Bihar rolls back Hindutva

BRP Bhaskar
Gulf Today

By registering a convincing victory in the Assembly elections in the Hindi heartland state of Bihar, a “mahagatbandhan” (grand alliance) led by Chief Minister and Janata Dal (United) leader Nitish Kumar has shown that Prime Minister Narendra Modi’s Hindutva bandwagon is not unstoppable.

In the hard-fought elections, the alliance, which includes former Chief Minister Lalu Prasad Yadav’s Rashtriya Janata Dal and the Congress party, bagged a total of 178 seats in the 243-member Assembly. The Bharatiya Janata Party ended up with only 53 seats, which was less than its pre-Modi tally.

As is his wont, Modi had personally led the BJP’s election campaigns, with his lieutenant and party president Amit Shah by his side. He made several trips to the state and addressed more than 30 rallies. Divisive and communally sensitive issues like cow slaughter and reservations, which Hindutva elements raked up, resonated in the state. Shah added grist to the communal mill by declaring crackers would go up in Pakistan if the BJP lost. 

The grand alliance was the result of the decision of the JD (U) and the RJD, traditional rivals in the state’s politics, to form a secular front to check the advancing Hindutva forces. The Congress joined it as a junior partner. 

The alliance partners readily accepted Nitish Kumar, who acquired a good image as an administrator over the past 10 years, as their chief ministerial candidate.

Lalu Prasad Yadav, who is a man of ambition, was in no position to offer himself as a candidate as he is currently disqualified from contesting elections, following his conviction in a corruption case.

The voting figures reveal there was a consolidation of secular forces behind the grand alliance. The Communist Party of India, the CPI (Marxist) and the Samajwadi Party, which formed a separate secular front, failed to make an impact.

The All India Majlis-e-Ittehadul Muslimeen of Asaduddin Owaisi, a three-time Member of Parliament from Hyderabad, set up a few candidates in the Muslim strongholds in pursuance of its plan to extend its activities across the country. It came a cropper as the bulk of the Muslim voters rallied behind the secular parties.

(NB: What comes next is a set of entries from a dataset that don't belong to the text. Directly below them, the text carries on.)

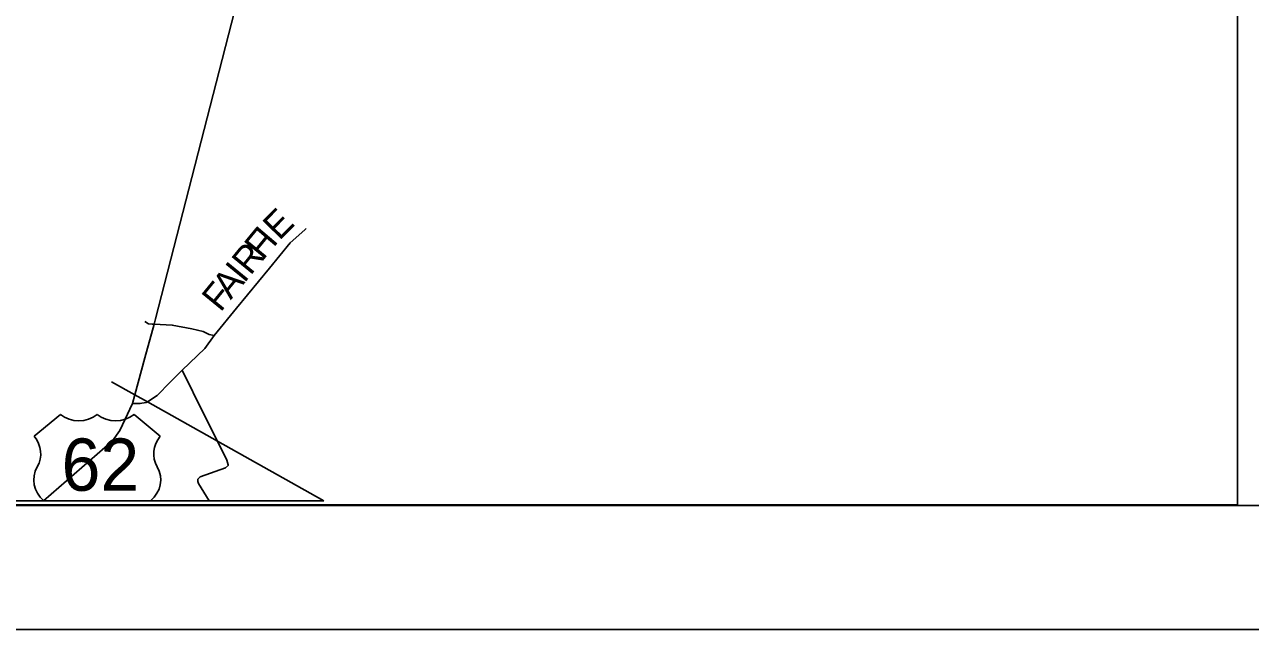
# Model space of a CAD drawing. Extents: x 0 to 784, y 0 to 440.
# Drawn here: x 367.9 to 466.8, y 0 to 48.8 of the extents above; entities that cross this region are included whole.
import ezdxf

# ---------------------------------------------------------------- set-up
doc = ezdxf.new("R2010")
doc.units = 0
for name, color, linetype in [('Default', 7, 'Continuous'), ('SH_Border', 7, 'Continuous'), ('SH_Cut_Line', 7, 'Continuous')]:
    doc.layers.add(name, color=color, linetype=linetype)

msp = doc.modelspace()

# ---------------------------------------------------------------- linework, layer by layer
at = {"layer": 'Default'}
for p, q in [((370.764, 17.349), (368.642, 15.591)), ((378.827, 15.591), (376.705, 17.349)), ((392.022, 10.383), (128.622, 10.383)), ((369.422, 10.383), (378.047, 10.383))]:
    msp.add_line(p, q, dxfattribs=at)
msp.add_lwpolyline([(31.327, 429.991), (465.774, 429.991), (465.774, 10.05), (31.327, 10.05)], close=True, dxfattribs=at)
for points in [[(377.579, 21.914), (378.324, 24.635), (378.441, 25.061), (385.064, 50.848)], [(379.618, 19.953), (379.746, 20.085), (379.926, 20.256), (380.578, 20.922), (382.428, 22.675), (383.186, 23.729), (384.966, 25.921), (387.65, 29.166), (389.312, 31.2), (390.481, 32.264), (390.598, 32.353)], [(377.579, 24.859), (377.87, 24.658), (378.174, 24.643)], [(378.174, 24.643), (378.184, 24.642), (378.324, 24.635), (379.795, 24.562), (381.381, 24.262), (382.276, 24.038), (382.76, 23.817), (383.186, 23.729)], [(369.41, 10.383), (374.96, 15.218), (375.57, 16.052), (376.576, 18.251), (376.766, 18.946), (377.579, 21.914)], [(384.314, 13.292), (384.202, 13.662), (383.433, 15.204), (382.346, 17.385), (380.578, 20.922)], [(374.889, 20), (376.766, 18.946), (377.784, 18.374), (383.433, 15.204), (392.022, 10.383)], [(376.576, 18.251), (377.186, 18.237), (377.676, 18.331), (377.784, 18.374), (378.571, 18.88), (379.618, 19.953)], [(382.77, 10.383), (381.911, 11.777), (381.86, 11.946), (381.86, 12.143), (382.047, 12.312), (384.1, 13.043), (384.321, 13.268), (384.314, 13.292)]]:
    msp.add_lwpolyline(points, dxfattribs=at)
for centre, major_axis, start_param, end_param in [((372.249, 18.604), (2.122, 0), 3.936991, 5.487786), ((375.22, 18.604), (2.122, 0), 3.936991, 5.487786), ((366.208, 14.179), (2.971, 0), 5.838949, 6.894067), ((381.261, 14.179), (-2.971, 0), 5.672304, 6.727422), ((371.58, 12.075), (2.971, 0), 2.702327, 3.899471), ((375.89, 12.075), (2.971, 0), 5.525307, 6.722451)]:
    msp.add_ellipse(centre, major_axis=major_axis, ratio=0.82844, start_param=start_param, end_param=end_param, dxfattribs=at)
at = {"layer": 'SH_Border'}
msp.add_lwpolyline([(30, 430), (670, 430), (670, 10), (30, 10)], close=True, dxfattribs=at)
at = {"layer": 'SH_Cut_Line'}
msp.add_lwpolyline([(0, 0), (680, 0), (680, 440), (0, 440)], close=True, dxfattribs=at)

# ---------------------------------------------------------------- texts
at = {"layer": 'Default'}
for s, height, rotation, p in [('E', 2.122, 45.28435, (388.427, 31.335)), ('F', 2.149, 50.64916, (387.107, 29.744)), ('I', 2.145, 49.67937, (387.934, 30.752)), ('R', 2.149, 50.74873, (386.097, 28.508)), ('A', 2.149, 50.74537, (384.509, 26.564)), ('I', 2.149, 50.7475, (385.592, 27.889)), ('F', 2.149, 50.74651, (383.679, 25.548))]:
    msp.add_text(s, height=height, rotation=rotation, dxfattribs=at).set_placement(p)
msp.add_text('62', height=4.219, dxfattribs=at).set_placement((370.852, 11.196))

doc.saveas('drawing.dxf')

Modi had come to power at the Centre last year in circumstances which created an impression that his Hindutva bandwagon was unstoppable. That feeling strengthened as he led his party to success in one state after another until Arvind Kejriwal’s Aam Admi Party stopped the victorious march in the Delhi state elections. No firm conclusions could be drawn from the Delhi experience since it is a small, almost entirely urban state, unlike any other. 

The rolling back of Hindutva forces in one of the backward Hindi states is significant for more than one reason. It shows that Modi is not the invincible hero that his admirers imagine him to be. It shows that secular forces have the inherent strength to roll back the Hindutva forces he is riding.

The Hindutva forces had been kept at bay by the administration and the Congress party which led it during the communal riots of the Partition period. They made headway in the recent past primarily due to a weakening of the secular forces’ resolve to check them on account of mistaken electoral considerations.

A question that naturally now is whether Bihar can be repeated elsewhere. Ground conditions differ from state to state. Conditions in Assam, West Bengal, Tamil Nadu and Kerala, where Assembly elections are due next year, offer a variegated scenario. It may, therefore, be necessary to evolve suitable alternative strategies.

The BJP had no significant presence in these states at the time of the last Assembly elections. However, it was able to bag seven of Assam’s 12 Lok Sabha seats, capitalising on the issue of illegal immigration from Bangladesh.

The political traditions of West Bengal, Kerala and Tamil Nadu had blocked the BJP’s efforts to build a Hindu vote bank until now. However, in the recent elections to local bodies, the party was able to make inroads at the cost of the Congress in several parts of Kerala, including the state capital.

The BJP secured a parliamentary majority on its own last year with its impressive victories in Uttar Pradesh and Bihar, which together account for 120 Lok Sabha seats. Assembly elections are due in UP in 2017. Ground conditions there are comparable to those of Bihar. However, the Bihar experience can be repeated only if Mulayam Singh Yadav and Mayawati, leaders of the Samajwadi Party and Bahujan Samaj Party respectively, sink their differences and work together as Nitish Kumar and Lalu Yadav did. --Gulf Todayy, Sharjah, November 10, 2015.

21 April, 2015

Opposition set to take on BJP

BRP Bhaskar

India’s Opposition parties are gradually recovering from the impact of their stunning defeat at the hands of the Bharatiya Janata Party in last year’s Lok Sabha poll and trying to put their act together.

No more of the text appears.